I wonder, if you could look inside someones imagination as they gazed awestruck at the vastness of this concrete square, what would a Chinese person be imagining and what would a Western person be imagining?


My advice – bring a hat. It's hot and there are no trees. Security risk, you know.

Monday, 16 May 2011

Dim Sum Beijing Style

Apologies for the two week silence. I have been inundated with guests, and playing host requires a lot of time and effort and eating out. So now I have lots of material and hopefully, a little time on my hands to regale you all with it!


All my guests get taken to a Cantonese restaurant near Ditan Park called Jin Ding Xuan. It's in a fantastic old Chinese style building that is garishly lit up at night, with loud Chinese pop music piped outside presumably to please the waiting customers. There is always a queue. They do dim sum (or yum cha) and they also have an a la carte menu. We pondered both and excitedly ordered a large selection of dim sum and some soft shell crab.

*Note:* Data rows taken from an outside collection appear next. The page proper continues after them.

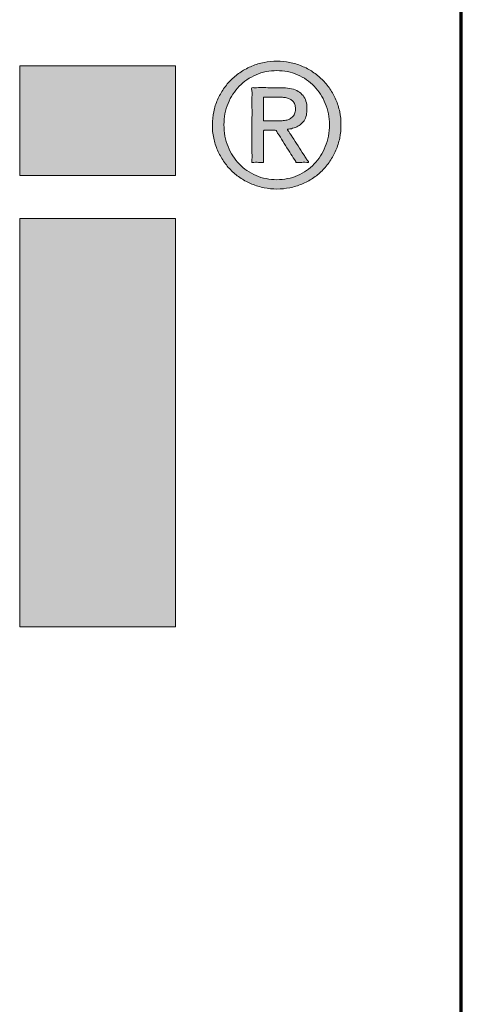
# Model space of a CAD drawing. Header units: millimetres. Extents: x -21336 to 21336, y -500 to 5820.
# Tile 3 of 26: x 3958 to 4080, y 426 to 698. Entities that reach past the tile are written whole.
import ezdxf
from ezdxf.enums import TextEntityAlignment as Align

# ---------------------------------------------------------------- set-up
doc = ezdxf.new("R2010")
doc.units = ezdxf.units.MM
doc.header["$LTSCALE"] = 20
for name, color, linetype, lineweight in [('AM_BOR', 7, 'Continuous', 25), ('Ebene 1', 7, 'Continuous', 25), ('Rahmen (ISO)', 7, 'Continuous', 70), ('Schraffur (ISO)', 7, 'Continuous', 18), ('Titel (ISO)', 7, 'Continuous', 50)]:
    doc.layers.add(name, color=color, linetype=linetype, lineweight=lineweight)
doc.styles.add('Pfeiltext', font='verdana.ttf')
doc.styles.get("Standard").update_dxf_attribs({"font": 'verdana.ttf'})
doc.styles.add('Textstil119', font='verdana.ttf')
doc.styles.add('Textstil121', font='verdana.ttf')
doc.styles.add('Textstil47', font='verdana.ttf')
doc.styles.add('Textstil64', font='verdana.ttf', dxfattribs={"width": 0.800000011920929})
doc.styles.add('Textstil75', font='verdana.ttf')
doc.styles.add('Textstil82', font='verdana.ttf')

# ---------------------------------------------------------------- blocks, each defined once
blk = doc.blocks.new('Ränder Kopie von wedi_Zeichnungsrahmen')
at = {"layer": 'Rahmen (ISO)'}
blk.add_line((204.0000000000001, 6.000000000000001), (204, 291), dxfattribs=at)
blk = doc.blocks.new('Schriftfelder wedi Standard - Inch_Zoll ohne Toleranz')
at = {"layer": 'Schraffur (ISO)'}
h = blk.add_hatch(color=256, dxfattribs=at)
edge = h.paths.add_edge_path(flags=0)
edge.add_spline(control_points=[(-8.055894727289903, 25.8855771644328), (-8.038028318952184, 25.84043056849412), (-7.993895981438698, 25.75478583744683), (-7.904684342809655, 25.6429563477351), (-7.796574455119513, 25.55063131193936), (-7.671269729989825, 25.48040685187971), (-7.530341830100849, 25.4380737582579), (-7.382397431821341, 25.42270256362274), (-7.234421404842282, 25.43855549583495), (-7.094456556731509, 25.4797680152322), (-6.97012902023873, 25.55117490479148), (-6.862710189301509, 25.64314607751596), (-6.772206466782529, 25.75401432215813), (-6.709390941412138, 25.88613500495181), (-6.66368540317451, 26.0311056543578), (-6.652708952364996, 26.18564926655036), (-6.663875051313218, 26.33943107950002), (-6.709724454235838, 26.48136252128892), (-6.772055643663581, 26.61213308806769), (-6.863084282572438, 26.72140675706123), (-6.969854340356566, 26.81317400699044), (-7.095085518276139, 26.88198706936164), (-7.234100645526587, 26.92597128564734), (-7.382402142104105, 26.93802351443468), (-7.530662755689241, 26.9264557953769), (-7.670645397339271, 26.88134752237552), (-7.79684943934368, 26.81371562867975), (-7.904284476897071, 26.72160123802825), (-7.994155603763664, 26.61135374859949), (-8.060391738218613, 26.48224254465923), (-8.103637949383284, 26.33913163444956), (-8.116928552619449, 26.18565327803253), (-8.103914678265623, 26.03141010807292), (-8.07431294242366, 25.93211811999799), (-8.055894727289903, 25.8855771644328)], knot_values=[-1, -1, -1, -1, -0.9687690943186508, -0.9385136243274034, -0.9085278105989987, -0.8778589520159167, -0.8468240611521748, -0.8145097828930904, -0.7828452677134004, -0.7516649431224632, -0.7213472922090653, -0.6913818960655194, -0.6610761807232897, -0.6300757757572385, -0.5978268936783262, -0.5638815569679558, -0.5310491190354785, -0.4992980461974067, -0.4685057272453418, -0.4384438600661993, -0.4085647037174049, -0.3784003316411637, -0.3471606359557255, -0.3155261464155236, -0.283241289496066, -0.2521467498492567, -0.2216294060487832, -0.1917297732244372, -0.1617185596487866, -0.1306941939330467, -0.09899736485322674, -0.06615266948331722, -0.03219547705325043, 0, 0, 0, 0], degree=3, periodic=0)
edge = h.paths.add_edge_path()
edge.add_spline(control_points=[(-8.200604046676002, 26.53313885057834), (-8.224460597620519, 26.47985310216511), (-8.260799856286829, 26.36602977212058), (-8.278921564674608, 26.1855510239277), (-8.261230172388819, 26.00414735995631), (-8.206566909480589, 25.83275761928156), (-8.121663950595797, 25.68096494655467), (-8.01316079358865, 25.54819263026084), (-7.879527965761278, 25.44218324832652), (-7.726605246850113, 25.36226686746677), (-7.558619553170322, 25.31179496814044), (-7.381377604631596, 25.29394571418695), (-7.204399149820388, 25.31162780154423), (-7.037186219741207, 25.36239941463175), (-6.88516449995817, 25.44167066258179), (-6.754126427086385, 25.54928113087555), (-6.644514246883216, 25.68009791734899), (-6.563182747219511, 25.83355757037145), (-6.506356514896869, 26.0038974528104), (-6.491992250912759, 26.18551048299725), (-6.506651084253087, 26.3664087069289), (-6.563454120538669, 26.53372217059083), (-6.644504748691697, 26.6858817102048), (-6.754374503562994, 26.81567839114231), (-6.885447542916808, 26.92283993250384), (-7.036953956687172, 27.00312985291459), (-7.204326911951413, 27.05463680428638), (-7.381377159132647, 27.0693670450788), (-7.558693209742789, 27.05447441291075), (-7.726833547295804, 27.0032604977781), (-7.879255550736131, 26.92233050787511), (-8.012867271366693, 26.81673562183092), (-8.121829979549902, 26.6851226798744), (-8.177185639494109, 26.58544596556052), (-8.200604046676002, 26.53313885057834)], knot_values=[0, 0, 0, 0, 0.03149805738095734, 0.06387075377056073, 0.09725502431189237, 0.129121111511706, 0.160210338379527, 0.1905798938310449, 0.2210451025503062, 0.2515724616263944, 0.2831551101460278, 0.3150974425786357, 0.3470696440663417, 0.37846551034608, 0.408835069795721, 0.4389602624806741, 0.4693765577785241, 0.5002792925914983, 0.5321687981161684, 0.5655311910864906, 0.597881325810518, 0.6294030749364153, 0.6601351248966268, 0.6904067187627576, 0.7205058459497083, 0.7509509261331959, 0.7823552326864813, 0.8143039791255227, 0.8462228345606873, 0.87781387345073, 0.9084163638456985, 0.9388557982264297, 0.9690804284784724, 1, 1, 1, 1], degree=3, periodic=0)
for points in [[(-10.93280612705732, 25.48821071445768), (-10.93280612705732, 26.99831171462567), (-8.7821118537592, 26.99831171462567), (-8.7821118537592, 25.48821071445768)], [(-10.93280612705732, 19.25673867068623), (-8.7821118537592, 19.25673867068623), (-8.7821118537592, 24.8903876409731), (-10.93280612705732, 24.8903876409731)]]:
    blk.add_hatch(color=256, dxfattribs=at).paths.add_polyline_path(points)
h = blk.add_hatch(color=256, dxfattribs=at)
edge = h.paths.add_edge_path(flags=0)
edge.add_spline(control_points=[(-7.396273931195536, 26.2414252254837), (-7.373185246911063, 26.24052977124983), (-7.327719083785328, 26.24189934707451), (-7.272499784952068, 26.24549593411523), (-7.232064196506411, 26.25484625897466), (-7.205549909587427, 26.26548548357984), (-7.181819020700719, 26.28084826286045), (-7.160619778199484, 26.2995854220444), (-7.143270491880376, 26.32279024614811), (-7.131348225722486, 26.35181926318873), (-7.126028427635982, 26.38607631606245), (-7.125099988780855, 26.42128685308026), (-7.129419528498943, 26.45365640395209), (-7.138141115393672, 26.48082374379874), (-7.15245846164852, 26.50258066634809), (-7.169169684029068, 26.52085806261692), (-7.188703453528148, 26.53597642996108), (-7.218879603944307, 26.55128113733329), (-7.262094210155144, 26.56380816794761), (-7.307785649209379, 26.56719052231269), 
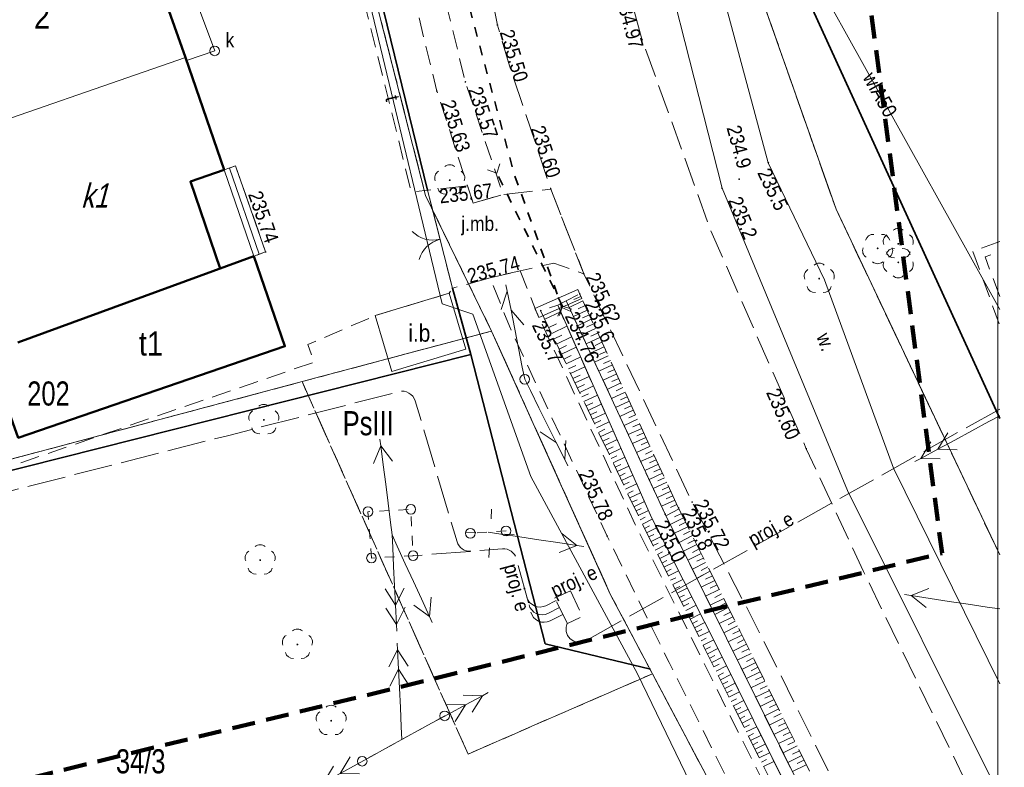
# Model space of a CAD drawing. Header units: metres. Extents: x 7529105 to 7529249, y 5515588 to 5515793.
# Tile 6 of 10: x 7529197 to 7529248, y 5515687 to 5515726. Entities that reach past the tile are written whole.
import ezdxf
from ezdxf.enums import TextEntityAlignment as Align

# ---------------------------------------------------------------- set-up
doc = ezdxf.new("R2010")
doc.units = ezdxf.units.M
doc.header["$MEASUREMENT"] = 0
for name, pattern in [('1.5_0.5', [2, 1.5, -0.5]), ('218-500', [1, 0.5, -0.5]), ('219-500', [0]), ('4', [1.8, 1.2, -0.6]), ('ib05_500', [1, 0.5, -0.5]), ('ktok02-500', [0]), ('mz1.0_0.5', [1.5, 1, -0.5]), ('mz1.25_0.5', [1.75, 1.25, -0.5]), ('mz2.0_0.5', [2.5, 2, -0.5]), ('sm05_500', [1, 0.5, -0.5])]:
    doc.linetypes.add(name, pattern=pattern)
doc.layers.get('0').update_dxf_attribs({"color": 2, "linetype": 'CONTINUOUS', "lineweight": 5})
for name, color, linetype in [('000 Inne (niezydentyfikowane)', 7, 'CONTINUOUS'), ('209-Opis konturu klasyfikacyjnego', 7, 'CONTINUOUS'), ('211-Nr działki', 7, 'CONTINUOUS'), ('217-Granica konturu klasyfikcyjnego', 7, 'CONTINUOUS'), ('218-Granica użytku', 7, 'CONTINUOUS'), ('219-Linia granicy', 7, 'CONTINUOUS'), ('312-Budynek (powierzchnia)', 7, 'CONTINUOUS'), ('312-Numer ewidencyjny budynku', 7, 'CONTINUOUS'), ('312-Numer ewidencyjny budynku-Atr124', 7, 'CONTINUOUS'), ('320-część budynku wyodrębniona ze względu na liczbę kondygnacji naziemnych (powierzchnia)', 7, 'CONTINUOUS'), ('320-część budynku wyodrębniona ze względu na liczbę kondygnacji naziemnych (powierzchnia)-Atr25', 7, 'CONTINUOUS'), ('352-schody (powierzchnia)', 7, 'CONTINUOUS'), ('996-Tekst dodatkowy mały', 7, 'CONTINUOUS'), ('brama (linia)', 7, 'CONTINUOUS'), ('brama (linia) - symbol', 7, 'CONTINUOUS'), ('chodnik (powierzchnia)', 7, 'CONTINUOUS'), ('drzewo liściaste (punkt)', 7, 'CONTINUOUS'), ('inna budowla (powierzchnia)', 7, 'CONTINUOUS'), ('inna budowla (powierzchnia)-Atr17', 7, 'CONTINUOUS'), ('jezdnia (powierzchnia)', 7, 'CONTINUOUS'), ('jezdnia (powierzchnia)-Atr17', 7, 'CONTINUOUS'), ('latarnia na słupie lub maszcie (punkt)', 7, 'CONTINUOUS'), ('murek oporowy (linia)', 7, 'CONTINUOUS'), ('Obszar opracowania', 7, 'CONTINUOUS'), ('ogrodzenie trwałe (linia)', 7, 'CONTINUOUS'), ('przepust (linia)', 7, 'CONTINUOUS'), ('przepust (linia) - symbol', 7, 'CONTINUOUS'), ('przewód elektroenergetyczny - projektowany lub w budowie (linia) - ob. projektowany', 7, 'CONTINUOUS'), ('przewód elektroenergetyczny - projektowany lub w budowie (linia) - ob. projektowany-Atr1', 7, 'CONTINUOUS'), ('przewód elektroenergetyczny niskiego napięcia (linia) - symbol', 7, 'CONTINUOUS'), ('przewód elektroenergetyczny średniego napięcia (linia) - symbol', 7, 'CONTINUOUS'), ('przewód kanalizacyjny (linia)', 7, 'CONTINUOUS'), ('przewód telekomunikacyjny (linia)', 7, 'CONTINUOUS'), ('przewód telekomunikacyjny (linia) - symbol', 7, 'CONTINUOUS'), ('przewód telekomunikacyjny (linia)-Atr1', 7, 'CONTINUOUS'), ('przewód wodociągowy (linia)', 7, 'CONTINUOUS'), ('przewód wodociągowy (linia)-Atr1', 7, 'CONTINUOUS'), ('punkt wysokościowy naturalny', 7, 'CONTINUOUS'), ('punkt wysokościowy naturalny-Atr2', 7, 'CONTINUOUS'), ('punkt wysokościowy sztuczny', 7, 'CONTINUOUS'), ('punkt wysokościowy sztuczny-Atr2', 7, 'CONTINUOUS'), ('Ramki i opis wydruku', 7, 'CONTINUOUS'), ('rów przydrożny (powierzchnia)', 7, 'CONTINUOUS'), ('rów przydrożny (powierzchnia)-Atr17', 7, 'CONTINUOUS'), ('skarpa nieumocniona (powierzchnia)', 7, 'CONTINUOUS'), ('słup (punkt)', 7, 'CONTINUOUS'), ('słup łączony (linia)', 7, 'CONTINUOUS'), ('słup łączony (linia) - symbol', 7, 'CONTINUOUS'), ('słup łączony (powierzchnia)', 7, 'CONTINUOUS'), ('słup łączony (powierzchnia) - symbol', 7, 'CONTINUOUS'), ('urządzenie techniczne projektowane lub w budowie (sieć elektroenergetyczna) - powierzchnia - ob. projektowany', 7, 'CONTINUOUS'), ('urządzenie techniczne projektowane lub w budowie (sieć elektroenergetyczna) - powierzchnia - ob. projektowany-Atr17', 7, 'CONTINUOUS'), ('właz okrągły - siec kanalizacyjna (punkt)', 7, 'CONTINUOUS'), ('właz okrągły - siec kanalizacyjna (punkt)-Atr17', 7, 'CONTINUOUS')]:
    doc.layers.add(name, color=color, linetype=linetype)
doc.styles.get("Standard").update_dxf_attribs({"font": 'Working1250', "width": 0.75})
doc.linetypes.add('450-500k', pattern='A,2.5,0,[7,ksztalty.shx,S=0.714,R=0,X=0,Y=0],2.5', length=5)
doc.linetypes.add('902-500', pattern='A,3.75,0,[1,ksztalty.shx,S=0.5,R=0,X=0,Y=0],3.75', length=7.5)

# ---------------------------------------------------------------- blocks, each defined once
blk = doc.blocks.new('SM011')
at = {"color": 0, "linetype": 'Continuous', "lineweight": 13}
for p, q in [((-0.53, 0.531), (-0.883, 0.884)), ((0.531, 0.531), (0.884, 0.884)), ((-0.53, -0.53), (-0.883, -0.883)), ((0.531, -0.53), (0.884, -0.883))]:
    blk.add_line(p, q, dxfattribs=at)
blk = doc.blocks.new('IB05')
at = {"color": 0, "linetype": 'Continuous', "lineweight": 13}
for q in [(0.354, 0.354), (0.354, -0.354)]:
    blk.add_line((0, 0), q, dxfattribs=at)
blk = doc.blocks.new('OP021')
at = {"linetype": 'Continuous', "lineweight": 13}
h = blk.add_hatch(color=0, dxfattribs=at)
edge = h.paths.add_edge_path()
edge.add_arc((0, 0), 0.05, 0, 360)
at = {"color": 0, "linetype": 'Continuous', "lineweight": 13}
for centre, start, end in [((0, 0.4), 49.272, 130.728), ((-0.38, 0.124), 121.308, 202.548), ((0.38, 0.124), 337.452, 58.692), ((-0.235, -0.324), 193.221, 274.871), ((0.235, -0.324), 265.129, 346.779)]:
    blk.add_arc(centre, 0.4, start, end, dxfattribs=at)
blk = doc.blocks.new('US22')
at = {"color": 0, "linetype": 'Continuous', "lineweight": 13}
blk.add_circle((0, 0), 0.25, dxfattribs=at)
blk = doc.blocks.new('OK02')
at = {"color": 0, "linetype": 'Continuous', "lineweight": 0}
for centre, start, end in [((-1.5, 0), 0, 60), ((1.5, 0), 120, 180)]:
    blk.add_arc(centre, 1.5, start, end, dxfattribs=at)
blk = doc.blocks.new('PT01')
at = {"color": 0, "linetype": 'Continuous', "lineweight": 13}
for p, q in [((0.65, 0), (0, 0)), ((0.65, 0), (1.65, 0)), ((1.65, 0), (2.65, 0)), ((2.65, 0), (3.65, 0)), ((3.65, 0), (2.784, -0.5)), ((3.65, 0), (4.65, 0)), ((4.65, 0), (3.784, 0.5)), ((4.65, 0), (5, 0))]:
    blk.add_line(p, q, dxfattribs=at)
blk = doc.blocks.new('PE04')
at = {"color": 0, "linetype": 'Continuous', "lineweight": 13}
for p, q in [((0.65, 0), (0, 0)), ((0.65, 0), (1.65, 0)), ((1.65, 0), (2.65, 0)), ((2.65, 0), (3.65, 0)), ((3.65, 0), (4.65, 0)), ((4.65, 0), (3.784, 0.5)), ((4.65, 0), (3.784, -0.5)), ((4.65, 0), (5, 0))]:
    blk.add_line(p, q, dxfattribs=at)
blk = doc.blocks.new('PE03')
at = {"color": 0, "linetype": 'Continuous', "lineweight": 13}
for p, q in [((0.65, 0), (0, 0)), ((0.65, 0), (1.65, 0)), ((1.65, 0), (2.65, 0)), ((2.65, 0), (3.65, 0)), ((3.65, 0), (2.784, 0.5)), ((3.65, 0), (2.784, -0.5)), ((3.65, 0), (4.65, 0)), ((4.65, 0), (3.784, 0.5)), ((4.65, 0), (3.784, -0.5)), ((4.65, 0), (5, 0))]:
    blk.add_line(p, q, dxfattribs=at)
blk = doc.blocks.new('SM05')
at = {"color": 0, "linetype": 'Continuous', "lineweight": 13}
blk.add_circle((0, 0), 0.25, dxfattribs=at)
blk = doc.blocks.new('SM04')
at = {"color": 0, "linetype": 'Continuous', "lineweight": 13}
blk.add_circle((0, 0), 0.25, dxfattribs=at)
blk = doc.blocks.new('PW01')
at = {"linetype": 'Continuous', "lineweight": 13}
h = blk.add_hatch(color=0, dxfattribs=at)
edge = h.paths.add_edge_path()
edge.add_arc((0, 0), 0.045, 0, 360)
blk = doc.blocks.new('PW02')
at = {"linetype": 'Continuous', "lineweight": 13}
h = blk.add_hatch(color=0, dxfattribs=at)
edge = h.paths.add_edge_path()
edge.add_arc((0, 0), 0.045, 0, 360)

msp = doc.modelspace()

# ---------------------------------------------------------------- linework, layer by layer
at = {"layer": '000 Inne (niezydentyfikowane)', "color": 7, "linetype": 'Continuous', "lineweight": 13}
for p, q in [((7529226.03, 5515711.04), (7529225.31, 5515710.71)), ((7529225.92, 5515711.28), (7529225.56, 5515711.11)), ((7529224.05, 5515710.09), (7529224.87, 5515710.48)), ((7529226.25, 5515710.57), (7529225.53, 5515710.24)), ((7529226.14, 5515710.8), (7529225.78, 5515710.64)), ((7529226.36, 5515710.33), (7529226, 5515710.16)), ((7529224.26, 5515709.66), (7529224.66, 5515709.85)), ((7529226.46, 5515710.09), (7529225.75, 5515709.76)), ((7529226.57, 5515709.85), (7529226.22, 5515709.69)), ((7529224.41, 5515709.35), (7529225.2, 5515709.73)), ((7529226.68, 5515709.62), (7529225.97, 5515709.29)), ((7529226.79, 5515709.38), (7529226.44, 5515709.22)), ((7529224.54, 5515709.07), (7529224.93, 5515709.26)), ((7529224.66, 5515708.81), (7529225.44, 5515709.18)), ((7529226.9, 5515709.14), (7529226.19, 5515708.82)), ((7529227.01, 5515708.91), (7529226.66, 5515708.74)), ((7529224.79, 5515708.55), (7529225.18, 5515708.73)), ((7529224.91, 5515708.29), (7529225.68, 5515708.65)), ((7529227.12, 5515708.67), (7529226.41, 5515708.34)), ((7529227.23, 5515708.43), (7529226.88, 5515708.27)), ((7529225.03, 5515708.03), (7529225.41, 5515708.21)), ((7529225.15, 5515707.78), (7529225.91, 5515708.14)), ((7529227.34, 5515708.2), (7529226.63, 5515707.87)), ((7529227.45, 5515707.96), (7529227.09, 5515707.8)), ((7529225.27, 5515707.53), (7529225.65, 5515707.7)), ((7529225.39, 5515707.28), (7529226.13, 5515707.63)), ((7529227.56, 5515707.73), (7529226.85, 5515707.4)), ((7529227.78, 5515707.26), (7529227.07, 5515706.93)), ((7529227.67, 5515707.49), (7529227.31, 5515707.33)), ((7529225.51, 5515707.03), (7529225.88, 5515707.2)), ((7529225.63, 5515706.79), (7529226.35, 5515707.13)), ((7529227.99, 5515706.79), (7529227.29, 5515706.46)), ((7529227.88, 5515707.02), (7529227.53, 5515706.86)), ((7529225.74, 5515706.54), (7529226.1, 5515706.72)), ((7529225.86, 5515706.3), (7529226.57, 5515706.64)), ((7529225.97, 5515706.07), (7529226.32, 5515706.23)), ((7529228.21, 5515706.32), (7529227.5, 5515705.99)), ((7529228.1, 5515706.55), (7529227.75, 5515706.39)), ((7529226.08, 5515705.83), (7529226.78, 5515706.16)), ((7529226.19, 5515705.6), (7529226.54, 5515705.76)), ((7529228.43, 5515705.85), (7529227.72, 5515705.52)), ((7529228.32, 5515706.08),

The food is excellent, on a par with the best dim sum places I've been to in Sydney and Singapore. The sichuan dumplings are something I have not come across before. Pork dumplings in a wonderful spicy sichuan sauce – which goes with absolutely everything! We also had sichuan noodles, which again are very spicy and have a great texture with the crunch of peanuts.


By the time the soft shell crab arrived we were quite full. But we decided we had ordered it, we would have to find the space to eat it! The crab, deep fried in a light batter, was juicy on the inside with a nice crisp texture to the batter. It was served with a sweet chilli sauce – but also worked well with the sichuan sauce from the dumplings!


Those of you who are aware of my teapot obsession can admire the final photograph – the restaurants teapots. I want one. Such a lovely shape and colour. I think we had about 6 refills of hot water!! Conveniently, the bathrooms there are quite clean so you can drink tea to your hearts content!!